Discontinued Operations - Restructuring Costs 

            Due to the facts and circumstances detailed above, the Company has identified three major types of restructuring activities related to the disposal of USC. These three types of activities are employee terminations, contract termination costs, and chemical destruction costs. For those restructuring activities, the Company recorded approximately $920,000 for employee termination costs, approximately $410,000 for contract termination costs, and approximately $422,000 for chemical destruction costs for the year ended December 31, 2021 within selling, general and administrative expenses of discontinued operations. The estimated amount of approximately $410,000 of contract termination cost was related to the termination of a contract between USC and a vendor.

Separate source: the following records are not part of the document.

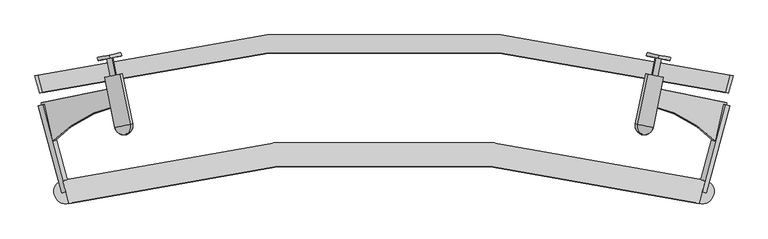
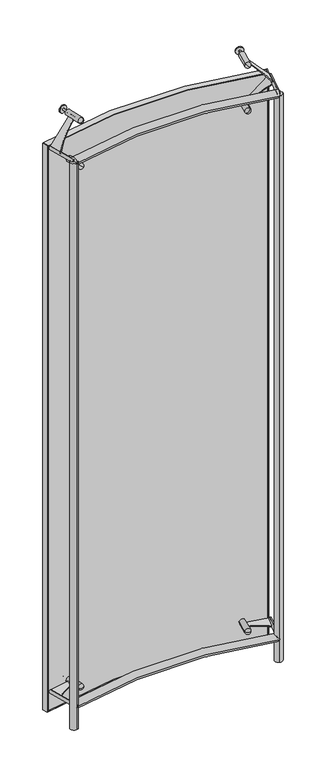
"""IFC4 building model written with IfcOpenShell, lengths in millimetres: plate geometry, CONVEX_SPIDER : CONVEX_SPIDER."""

from ifc_helpers import new_model, si_unit, point, frame, frame_2d, origin, origin_with_axes, place, context, project, spatial, polyline, circle_curve, ellipse_curve, trimmed, segment, composite_curve, outline, extrude, source, transform, mapped, element, save
from ifc_brep_helpers import plane_surface, cylinder_surface, revolved_surface, advanced_brep


def plate_ec1fb357(model_context):
    return source(origin(), model_context, "Body", "SolidModel", [
        extrude(outline(composite_curve([segment(polyline([(-30.0, 0.0), (0.0, 0.0)]), True, "CONTINUOUS"), segment(trimmed(circle_curve(frame_2d((375.1980995, -8.229243)), 375.2883348), [point((0.0, 0.0))], [point((39.9999999, -177.0))], True, "CARTESIAN"), True, "CONTINUOUS"), segment(polyline([(39.9999999, -177.0), (-30.0, -177.0), (-30.0, 0.0)]), True, "CONTINUOUS")], self_intersect=False)), frame((-439.3509091, -48.2745444, 3228.232233), z_axis=(-0.692345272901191, -0.14372899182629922, 0.7071067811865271), x_axis=(0.2032634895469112, -0.9791240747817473, 0.0)), (0.0, 0.0, 1.0), 5.0),
        advanced_brep(
        [(-457.3428515, 29.6960591, 3230.0), (-460.8045778, 28.9774141, 3226.4644661), (-453.8811251, 30.4147041, 3233.5355339), (-440.8597677, 2.4782717, 3240.6066017), (-461.6301259, -1.833598, 3219.3933983), (-444.3527293, -85.0591444, 3219.3933983), (-423.5823711, -80.7472746, 3240.6066017), (-447.7832204, 1.0409818, 3233.5355339), (-454.7066732, -0.3963081, 3226.4644661), (-430.9185978, -97.5900706, 3230.0)],
        [
            (0, 1),
            (1, 2, circle_curve(frame((-457.3428515, 29.6960591, 3230.0), z_axis=(-0.20326348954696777, 0.9791240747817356, 0.0), x_axis=(-0.6923452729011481, -0.14372899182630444, -0.707106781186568)), 5.0)),
            (2, 0),
            (2, 1, circle_curve(frame((-457.3428515, 29.6960591, 3230.0), z_axis=(-0.20326348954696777, 0.9791240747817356, 0.0), x_axis=(-0.6923452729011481, -0.14372899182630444, -0.707106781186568)), 5.0)),
            (3, 4, circle_curve(frame((-451.2449468, 0.3223369, 3230.0), z_axis=(0.20326348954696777, -0.9791240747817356, 0.0), x_axis=(-0.6923452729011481, -0.14372899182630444, -0.707106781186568)), 15.0)),
            (4, 5),
            (5, 6, circle_curve(frame((-433.9675502, -82.9032095, 3230.0), z_axis=(-0.20326348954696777, 0.9791240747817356, 0.0), x_axis=(-0.6923452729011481, -0.14372899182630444, -0.707106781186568)), 15.0)),
            (6, 3),
            (4, 3, circle_curve(frame((-451.2449468, 0.3223369, 3230.0), z_axis=(0.20326348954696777, -0.9791240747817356, 0.0), x_axis=(-0.6923452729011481, -0.14372899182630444, -0.707106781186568)), 15.0)),
            (6, 5, circle_curve(frame((-433.9675502, -82.9032095, 3230.0), z_axis=(-0.20326348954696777, 0.9791240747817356, 0.0), x_axis=(-0.6923452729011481, -0.14372899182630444, -0.707106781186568)), 15.0)),
            (7, 8, circle_curve(frame((-451.2449468, 0.3223369, 3230.0), z_axis=(0.20326348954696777, -0.9791240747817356, 0.0), x_axis=(-0.6923452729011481, -0.14372899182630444, -0.707106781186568)), 5.0)),
            (8, 4),
            (3, 7),
            (8, 7, circle_curve(frame((-451.2449468, 0.3223369, 3230.0), z_axis=(0.20326348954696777, -0.9791240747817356, 0.0), x_axis=(-0.6923452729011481, -0.14372899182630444, -0.707106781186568)), 5.0)),
            (1, 8),
            (7, 2),
            (5, 9, circle_curve(frame((-433.9675502, -82.9032095, 3230.0), z_axis=(-0.6923452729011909, -0.1437289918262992, 0.707106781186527), x_axis=(-0.6923452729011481, -0.14372899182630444, -0.707106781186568)), 15.0)),
            (9, 6, circle_curve(frame((-433.9675502, -82.9032095, 3230.0), z_axis=(-0.6923452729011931, -0.14372899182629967, 0.7071067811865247), x_axis=(0.6923452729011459, 0.14372899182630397, 0.7071067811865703)), 15.0)),
        ],
        [
            plane_surface(frame((-457.3428515, 29.6960591, 3230.0), z_axis=(-0.20326348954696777, 0.9791240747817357, 0.0), x_axis=(-0.6923452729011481, -0.14372899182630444, -0.707106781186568))),
            cylinder_surface(frame((-509.1750413, 279.3726982, 3230.0), z_axis=(-0.20326348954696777, 0.9791240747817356, 0.0), x_axis=(-0.6923452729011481, -0.14372899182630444, -0.707106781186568)), 15.0),
            plane_surface(frame((-451.2449468, 0.3223369, 3230.0), z_axis=(-0.20326348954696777, 0.9791240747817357, 0.0), x_axis=(-0.6923452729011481, -0.14372899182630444, -0.707106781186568))),
            cylinder_surface(frame((-509.1750413, 279.3726982, 3230.0), z_axis=(-0.20326348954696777, 0.9791240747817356, 0.0), x_axis=(-0.6923452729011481, -0.14372899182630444, -0.707106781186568)), 5.0),
            revolved_surface(trimmed(ellipse_curve(frame((-433.9675502, -82.9032095, 3230.0), z_axis=(0.6923452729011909, 0.1437289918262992, -0.707106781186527), x_axis=(-0.6923452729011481, -0.14372899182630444, -0.707106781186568)), 15.0, 15.0), [point((-430.9185978, -97.5900706, 3230.0))], [point((-444.3527293, -85.0591444, 3219.3933983))], True, "CARTESIAN"), (-509.1750413, 279.3726982, 3230.0), (-0.20326348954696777, 0.9791240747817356, 0.0)),
        ],
        [
            (0, [[1, 2, 3]]),
            (0, [[-3, 4, -1]]),
            (1, [[5, 6, 7, 8]]),
            (1, [[9, -8, 10, -6]]),
            (2, [[11, 12, -5, 13]]),
            (2, [[14, -13, -9, -12]]),
            (3, [[-2, 15, -11, 16]]),
            (3, [[-4, -16, -14, -15]]),
            (4, [[-7, 17, 18]]),
            (4, [[-10, -18, -17]]),
        ],
    ),
        extrude(outline(composite_curve([segment(polyline([(-30.0, 0.0), (-30.0, 177.0), (39.9999999, 177.0)]), True, "CONTINUOUS"), segment(trimmed(circle_curve(frame_2d((375.1980995, 8.229243)), 375.2883348), [point((39.9999999, 177.0))], [point((0.0, 0.0))], True, "CARTESIAN"), True, "CONTINUOUS"), segment(polyline([(0.0, 0.0), (-30.0, 0.0)]), True, "CONTINUOUS")], self_intersect=False)), frame((439.3509091, -48.2745444, 3228.232233), z_axis=(0.6923452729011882, -0.14372899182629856, 0.7071067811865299), x_axis=(-0.2032634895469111, -0.9791240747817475, 0.0)), (0.0, 0.0, 1.0), 5.0),
        advanced_brep(
        [(457.3428515, 29.6960591, 3230.0), (453.8811251, 30.4147041, 3233.5355339), (460.8045778, 28.9774141, 3226.4644661), (440.8597677, 2.4782717, 3240.6066017), (423.5823711, -80.7472746, 3240.6066017), (444.3527293, -85.0591444, 3219.3933983), (461.6301259, -1.833598, 3219.3933983), (447.7832204, 1.0409818, 3233.5355339), (454.7066732, -0.3963081, 3226.4644661), (430.9185978, -97.5900706, 3230.0)],
        [
            (0, 1),
            (1, 2, circle_curve(frame((457.3428515, 29.6960591, 3230.0), z_axis=(0.20326348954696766, 0.9791240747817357, 0.0), x_axis=(0.6923452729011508, -0.1437289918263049, -0.7071067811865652)), 5.0)),
            (2, 0),
            (2, 1, circle_curve(frame((457.3428515, 29.6960591, 3230.0), z_axis=(0.20326348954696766, 0.9791240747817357, 0.0), x_axis=(0.6923452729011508, -0.1437289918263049, -0.7071067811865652)), 5.0)),
            (3, 4),
            (4, 5, circle_curve(frame((433.9675502, -82.9032095, 3230.0), z_axis=(0.20326348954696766, 0.9791240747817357, 0.0), x_axis=(0.6923452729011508, -0.1437289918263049, -0.7071067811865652)), 15.0)),
            (5, 6),
            (6, 3, circle_curve(frame((451.2449468, 0.3223369, 3230.0), z_axis=(-0.20326348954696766, -0.9791240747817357, 0.0), x_axis=(0.6923452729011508, -0.1437289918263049, -0.7071067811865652)), 15.0)),
            (5, 4, circle_curve(frame((433.9675502, -82.9032095, 3230.0), z_axis=(0.20326348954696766, 0.9791240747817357, 0.0), x_axis=(0.6923452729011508, -0.1437289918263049, -0.7071067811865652)), 15.0)),
            (3, 6, circle_curve(frame((451.2449468, 0.3223369, 3230.0), z_axis=(-0.20326348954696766, -0.9791240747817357, 0.0), x_axis=(0.6923452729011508, -0.1437289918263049, -0.7071067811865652)), 15.0)),
            (7, 3),
            (6, 8),
            (8, 7, circle_curve(frame((451.2449468, 0.3223369, 3230.0), z_axis=(-0.20326348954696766, -0.9791240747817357, 0.0), x_axis=(0.6923452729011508, -0.1437289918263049, -0.7071067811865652)), 5.0)),
            (7, 8, circle_curve(frame((451.2449468, 0.3223369, 3230.0), z_axis=(-0.20326348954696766, -0.9791240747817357, 0.0), x_axis=(0.6923452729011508, -0.1437289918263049, -0.7071067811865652)), 5.0)),
            (1, 7),
            (8, 2),
            (4, 9, circle_curve(frame((433.9675502, -82.9032095, 3230.0), z_axis=(0.6923452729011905, -0.14372899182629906, 0.7071067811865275), x_axis=(-0.6923452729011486, 0.14372899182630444, 0.7071067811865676)), 15.0)),
            (9, 5, circle_curve(frame((433.9675502, -82.9032095, 3230.0), z_axis=(0.6923452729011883, -0.14372899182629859, 0.7071067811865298), x_axis=(0.6923452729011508, -0.1437289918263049, -0.7071067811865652)), 15.0)),
        ],
        [
            plane_surface(frame((457.3428515, 29.6960591, 3230.0), z_axis=(0.20326348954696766, 0.9791240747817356, 0.0), x_axis=(0.6923452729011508, -0.1437289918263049, -0.7071067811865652))),
            cylinder_surface(frame((509.1750413, 279.3726982, 3230.0), z_axis=(0.20326348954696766, 0.9791240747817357, 0.0), x_axis=(0.6923452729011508, -0.1437289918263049, -0.7071067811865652)), 15.0),
            plane_surface(frame((451.2449468, 0.3223369, 3230.0), z_axis=(0.20326348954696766, 0.9791240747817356, 0.0), x_axis=(0.6923452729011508, -0.1437289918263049, -0.7071067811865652))),
            cylinder_surface(frame((509.1750413, 279.3726982, 3230.0), z_axis=(0.20326348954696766, 0.9791240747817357, 0.0), x_axis=(0.6923452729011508, -0.1437289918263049, -0.7071067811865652)), 5.0),
            revolved_surface(trimmed(ellipse_curve(frame((433.9675502, -82.9032095, 3230.0), z_axis=(0.6923452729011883, -0.14372899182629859, 0.7071067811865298), x_axis=(0.6923452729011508, -0.1437289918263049, -0.7071067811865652)), 15.0, 15.0), [point((430.9185978, -97.5900706, 3230.0))], [point((444.3527293, -85.0591444, 3219.3933983))], True, "CARTESIAN"), (509.1750413, 279.3726982, 3230.0), (0.20326348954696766, 0.9791240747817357, 0.0)),
        ],
        [
            (0, [[1, 2, 3]]),
            (0, [[-3, 4, -1]]),
            (1, [[5, 6, 7, 8]]),
            (1, [[-7, 9, -5, 10]]),
            (2, [[11, -8, 12, 13]]),
            (2, [[-12, -10, -11, 14]]),
            (3, [[15, -13, 16, -2]]),
            (3, [[-16, -14, -15, -4]]),
            (4, [[17, 18, -6]]),
            (4, [[-18, -17, -9]]),
        ],
    ),
        extrude(outline(composite_curve([segment(polyline([(30.0000001, 0.0), (30.0, -177.0), (-40.0, -177.0)]), True, "CONTINUOUS"), segment(trimmed(circle_curve(frame_2d((-375.1980994, -8.2292431)), 375.2883348), [point((-40.0, -177.0))], [point((0.0, 0.0))], True, "CARTESIAN"), True, "CONTINUOUS"), segment(polyline([(0.0, 0.0), (30.0000001, 0.0)]), True, "CONTINUOUS")], self_intersect=False)), frame((442.8126355, -48.9931894, 2978.232233), z_axis=(-0.6923452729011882, 0.14372899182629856, 0.7071067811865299), x_axis=(0.2032634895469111, 0.9791240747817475, 0.0)), (0.0, 0.0, 1.0), 5.0),
        advanced_brep(
        [(457.3428515, 29.6960591, 2980.0), (460.8045778, 28.9774141, 2983.5355339), (453.8811251, 30.4147041, 2976.4644661), (440.8597677, 2.4782717, 2969.3933983), (461.6301259, -1.833598, 2990.6066017), (444.3527293, -85.0591444, 2990.6066017), (423.5823711, -80.7472746, 2969.3933983), (447.7832204, 1.0409818, 2976.4644661), (454.7066732, -0.3963081, 2983.5355339), (430.9185978, -97.5900706, 2980.0)],
        [
            (0, 1),
            (1, 2, circle_curve(frame((457.3428515, 29.6960591, 2980.0), z_axis=(0.20326348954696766, 0.9791240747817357, 0.0), x_axis=(0.6923452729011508, -0.1437289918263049, 0.7071067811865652)), 5.0)),
            (2, 0),
            (2, 1, circle_curve(frame((457.3428515, 29.6960591, 2980.0), z_axis=(0.20326348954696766, 0.9791240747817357, 0.0), x_axis=(0.6923452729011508, -0.1437289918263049, 0.7071067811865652)), 5.0)),
            (3, 4, circle_curve(frame((451.2449468, 0.3223369, 2980.0), z_axis=(-0.20326348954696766, -0.9791240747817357, 0.0), x_axis=(0.6923452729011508, -0.1437289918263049, 0.7071067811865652)), 15.0)),
            (4, 5),
            (5, 6, circle_curve(frame((433.9675502, -82.9032095, 2980.0), z_axis=(0.20326348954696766, 0.9791240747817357, 0.0), x_axis=(0.6923452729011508, -0.1437289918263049, 0.7071067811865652)), 15.0)),
            (6, 3),
            (4, 3, circle_curve(frame((451.2449468, 0.3223369, 2980.0), z_axis=(-0.20326348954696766, -0.9791240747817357, 0.0), x_axis=(0.6923452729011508, -0.1437289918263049, 0.7071067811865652)), 15.0)),
            (6, 5, circle_curve(frame((433.9675502, -82.9032095, 2980.0), z_axis=(0.20326348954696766, 0.9791240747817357, 0.0), x_axis=(0.6923452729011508, -0.1437289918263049, 0.7071067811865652)), 15.0)),
            (7, 8, circle_curve(frame((451.2449468, 0.3223369, 2980.0), z_axis=(-0.20326348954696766, -0.9791240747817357, 0.0), x_axis=(0.6923452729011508, -0.1437289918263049, 0.7071067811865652)), 5.0)),
            (8, 4),
            (3, 7),
            (8, 7, circle_curve(frame((451.2449468, 0.3223369, 2980.0), z_axis=(-0.20326348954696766, -0.9791240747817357, 0.0), x_axis=(0.6923452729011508, -0.1437289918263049, 0.7071067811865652)), 5.0)),
            (1, 8),
            (7, 2),
            (5, 9, circle_curve(frame((433.9675502, -82.9032095, 2980.0), z_axis=(0.6923452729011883, -0.14372899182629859, -0.7071067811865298), x_axis=(0.6923452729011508, -0.1437289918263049, 0.7071067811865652)), 15.0)),
            (9, 6, circle_curve(frame((433.9675502, -82.9032095, 2980.0), z_axis=(0.6923452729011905, -0.14372899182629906, -0.7071067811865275), x_axis=(-0.6923452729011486, 0.14372899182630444, -0.7071067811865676)), 15.0)),
        ],
        [
            plane_surface(frame((457.3428515, 29.6960591, 2980.0), z_axis=(0.20326348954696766, 0.9791240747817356, 0.0), x_axis=(0.6923452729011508, -0.1437289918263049, 0.7071067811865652))),
            cylinder_surface(frame((509.1750413, 279.3726982, 2980.0), z_axis=(0.20326348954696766, 0.9791240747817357, 0.0), x_axis=(0.6923452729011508, -0.1437289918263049, 0.7071067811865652)), 15.0),
            plane_surface(frame((451.2449468, 0.3223369, 2980.0), z_axis=(0.20326348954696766, 0.9791240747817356, 0.0), x_axis=(0.6923452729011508, -0.1437289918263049, 0.7071067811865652))),
            cylinder_surface(frame((509.1750413, 279.3726982, 2980.0), z_axis=(0.20326348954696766, 0.9791240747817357, 0.0), x_axis=(0.6923452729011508, -0.1437289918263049, 0.7071067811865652)), 5.0),
            revolved_surface(trimmed(ellipse_curve(frame((433.9675502, -82.9032095, 2980.0), z_axis=(-0.6923452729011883, 0.14372899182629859, 0.7071067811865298), x_axis=(0.6923452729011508, -0.1437289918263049, 0.7071067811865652)), 15.0, 15.0), [point((430.9185978, -97.5900706, 2980.0))], [point((444.3527293, -85.0591444, 2990.6066017))], True, "CARTESIAN"), (509.1750413, 279.3726982, 2980.0), (0.20326348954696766, 0.9791240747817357, 0.0)),
        ],
        [
            (0, [[1, 2, 3]]),
            (0, [[-3, 4, -1]]),
            (1, [[5, 6, 7, 8]]),
            (1, [[9, -8, 10, -6]]),
            (2, [[11, 12, -5, 13]]),
            (2, [[14, -13, -9, -12]]),
            (3, [[-2, 15, -11, 16]]),
            (3, [[-4, -16, -14, -15]]),
            (4, [[-7, 17, 18]]),
            (4, [[-10, -18, -17]]),
        ],
    ),
        extrude(outline(composite_curve([segment(polyline([(30.0000001, 0.0), (0.0, 0.0)]), True, "CONTINUOUS"), segment(trimmed(circle_curve(frame_2d((-375.1980994, 8.2292431)), 375.2883348), [point((0.0, 0.0))], [point((-40.0, 177.0))], True, "CARTESIAN"), True, "CONTINUOUS"), segment(polyline([(-40.0, 177.0), (30.0, 177.0), (30.0000001, 0.0)]), True, "CONTINUOUS")], self_intersect=False)), frame((-442.8126355, -48.9931894, 2978.232233), z_axis=(0.692345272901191, 0.14372899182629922, 0.7071067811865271), x_axis=(-0.2032634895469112, 0.9791240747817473, 0.0)), (0.0, 0.0, 1.0), 5.0),
        advanced_brep(
        [(-457.3428515, 29.6960591, 2980.0), (-453.8811251, 30.4147041, 2976.4644661), (-460.8045778, 28.9774141, 2983.5355339), (-440.8597677, 2.4782717, 2969.3933983), (-423.5823711, -80.7472746, 2969.3933983), (-444.3527293, -85.0591444, 2990.6066017), (-461.6301259, -1.833598, 2990.6066017), (-447.7832204, 1.0409818, 2976.4644661), (-454.7066732, -0.3963081, 2983.5355339), (-430.9185978, -97.5900706, 2980.0)],
        [
            (0, 1),
            (1, 2, circle_curve(frame((-457.3428515, 29.6960591, 2980.0), z_axis=(-0.20326348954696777, 0.9791240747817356, 0.0), x_axis=(-0.6923452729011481, -0.14372899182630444, 0.707106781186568)), 5.0)),
            (2, 0),
            (2, 1, circle_curve(frame((-457.3428515, 29.6960591, 2980.0), z_axis=(-0.20326348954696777, 0.9791240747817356, 0.0), x_axis=(-0.6923452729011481, -0.14372899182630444, 0.707106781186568)), 5.0)),
            (3, 4),
            (4, 5, circle_curve(frame((-433.9675502, -82.9032095, 2980.0), z_axis=(-0.20326348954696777, 0.9791240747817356, 0.0), x_axis=(-0.6923452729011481, -0.14372899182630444, 0.707106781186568)), 15.0)),
            (5, 6),
            (6, 3, circle_curve(frame((-451.2449468, 0.3223369, 2980.0), z_axis=(0.20326348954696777, -0.9791240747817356, 0.0), x_axis=(-0.6923452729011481, -0.14372899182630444, 0.707106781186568)), 15.0)),
            (5, 4, circle_curve(frame((-433.9675502, -82.9032095, 2980.0), z_axis=(-0.20326348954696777, 0.9791240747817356, 0.0), x_axis=(-0.6923452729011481, -0.14372899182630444, 0.707106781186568)), 15.0)),
            (3, 6, circle_curve(frame((-451.2449468, 0.3223369, 2980.0), z_axis=(0.20326348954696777, -0.9791240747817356, 0.0), x_axis=(-0.6923452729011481, -0.14372899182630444, 0.707106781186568)), 15.0)),
            (7, 3),
            (6, 8),
            (8, 7, circle_curve(frame((-451.2449468, 0.3223369, 2980.0), z_axis=(0.20326348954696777, -0.9791240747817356, 0.0), x_axis=(-0.6923452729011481, -0.14372899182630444, 0.707106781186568)), 5.0)),
            (7, 8, circle_curve(frame((-451.2449468, 0.3223369, 2980.0), z_axis=(0.20326348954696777, -0.9791240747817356, 0.0), x_axis=(-0.6923452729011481, -0.14372899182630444, 0.707106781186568)), 5.0)),
            (1, 7),
            (8, 2),
            (4, 9, circle_curve(frame((-433.9675502, -82.9032095, 2980.0), z_axis=(-0.6923452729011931, -0.14372899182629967, -0.7071067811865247), x_axis=(0.6923452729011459, 0.14372899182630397, -0.7071067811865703)), 15.0)),
            (9, 5, circle_curve(frame((-433.9675502, -82.9032095, 2980.0), z_axis=(-0.6923452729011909, -0.1437289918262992, -0.707106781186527), x_axis=(-0.6923452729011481, -0.14372899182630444, 0.707106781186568)), 15.0)),
        ],
        [
            plane_surface(frame((-457.3428515, 29.6960591, 2980.0), z_axis=(-0.20326348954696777, 0.9791240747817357, 0.0), x_axis=(-0.6923452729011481, -0.14372899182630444, 0.707106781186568))),
            cylinder_surface(frame((-509.1750413, 279.3726982, 2980.0), z_axis=(-0.20326348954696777, 0.9791240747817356, 0.0), x_axis=(-0.6923452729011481, -0.14372899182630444, 0.707106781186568)), 15.0),
            plane_surface(frame((-451.2449468, 0.3223369, 2980.0), z_axis=(-0.20326348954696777, 0.9791240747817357, 0.0), x_axis=(-0.6923452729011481, -0.14372899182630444, 0.707106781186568))),
            cylinder_surface(frame((-509.1750413, 279.3726982, 2980.0), z_axis=(-0.20326348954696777, 0.9791240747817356, 0.0), x_axis=(-0.6923452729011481, -0.14372899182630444, 0.707106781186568)), 5.0),
            revolved_surface(trimmed(ellipse_curve(frame((-433.9675502, -82.9032095, 2980.0), z_axis=(-0.6923452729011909, -0.1437289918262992, -0.707106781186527), x_axis=(-0.6923452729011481, -0.14372899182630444, 0.707106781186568)), 15.0, 15.0), [point((-430.9185978, -97.5900706, 2980.0))], [point((-444.3527293, -85.0591444, 2990.6066017))], True, "CARTESIAN"), (-509.1750413, 279.3726982, 2980.0), (-0.20326348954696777, 0.9791240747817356, 0.0)),
        ],
        [
            (0, [[1, 2, 3]]),
            (0, [[-3, 4, -1]]),
            (1, [[5, 6, 7, 8]]),
            (1, [[-7, 9, -5, 10]]),
            (2, [[11, -8, 12, 13]]),
            (2, [[-12, -10, -11, 14]]),
            (3, [[15, -13, 16, -2]]),
            (3, [[-16, -14, -15, -4]]),
            (4, [[17, 18, -6]]),
            (4, [[-18, -17, -9]]),
        ],
    ),
        extrude(outline(composite_curve([segment(polyline([(447.179677, -19.2601446), (569.5701864, -44.6680808), (555.3417421, -113.2067661)]), True, "CONTINUOUS"), segment(trimmed(circle_curve(frame_2d((390.5270633, -271.4654216)), 228.4943772), [point((555.3417421, -113.2067661))], [point((441.0817723, -48.6338669))], True, "CARTESIAN"), True, "CONTINUOUS"), segment(polyline([(441.0817723, -48.6338669), (447.179677, -19.2601446)]), True, "CONTINUOUS")], self_intersect=False)), frame((0.0, 0.0, 122.5), z_axis=(0.0, 0.0, 1.0), x_axis=(1.0, 0.0, 0.0)), (0.0, 0.0, 1.0), 5.0),
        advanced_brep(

The amount for contract termination cost was recorded as a loss contingency as the Company believes a loss is probable and can be reasonably estimated.

         As of March 31, 2022 and December 31, 2021, the outstanding liabilities related to the contract termination costs recorded in contingent loss liability of discontinued operations was approximately $410,000, respectively. As of March 31, 2022 and December 31, 2021, the outstanding liabilities related to chemical destruction costs recorded in accounts payable of discontinued operations was approximately $3,000.

 Discontinued Operations - Building Loan

           On November 10, 2016, a Loan Amendment and Assumption Agreement was entered with into the lender. Pursuant to the agreement, as subsequently amended, the Company agreed to pay the lender monthly payments of principal and interest which were approximately $19,000 per month, with a final payment due and payable in August 2021.

           In July 2021, the Company, in connection with the sale of certain USC assets to Fagron, paid to the lender the outstanding principal balance, accrued unpaid interest and other obligations under the Company’s loan agreement, promissory note and related loan documents relating to the outstanding building loan relating to the building and property on which USC’s offices are located. The land and building were included in the assets of discontinued operations.

          As of  March 31, 2022 and December 31, 2021, the outstanding principal balance owed on the applicable note was  $0 and $0 , respectively. The loan currently bore an interest of 6.00% per year and interest expense for the quarter ended March 31, 2022  and March 31, 2021 was approximately $0 and $37,000, respectively. The amount of interest allocated to the discontinued operations was based on the legal obligations of USC.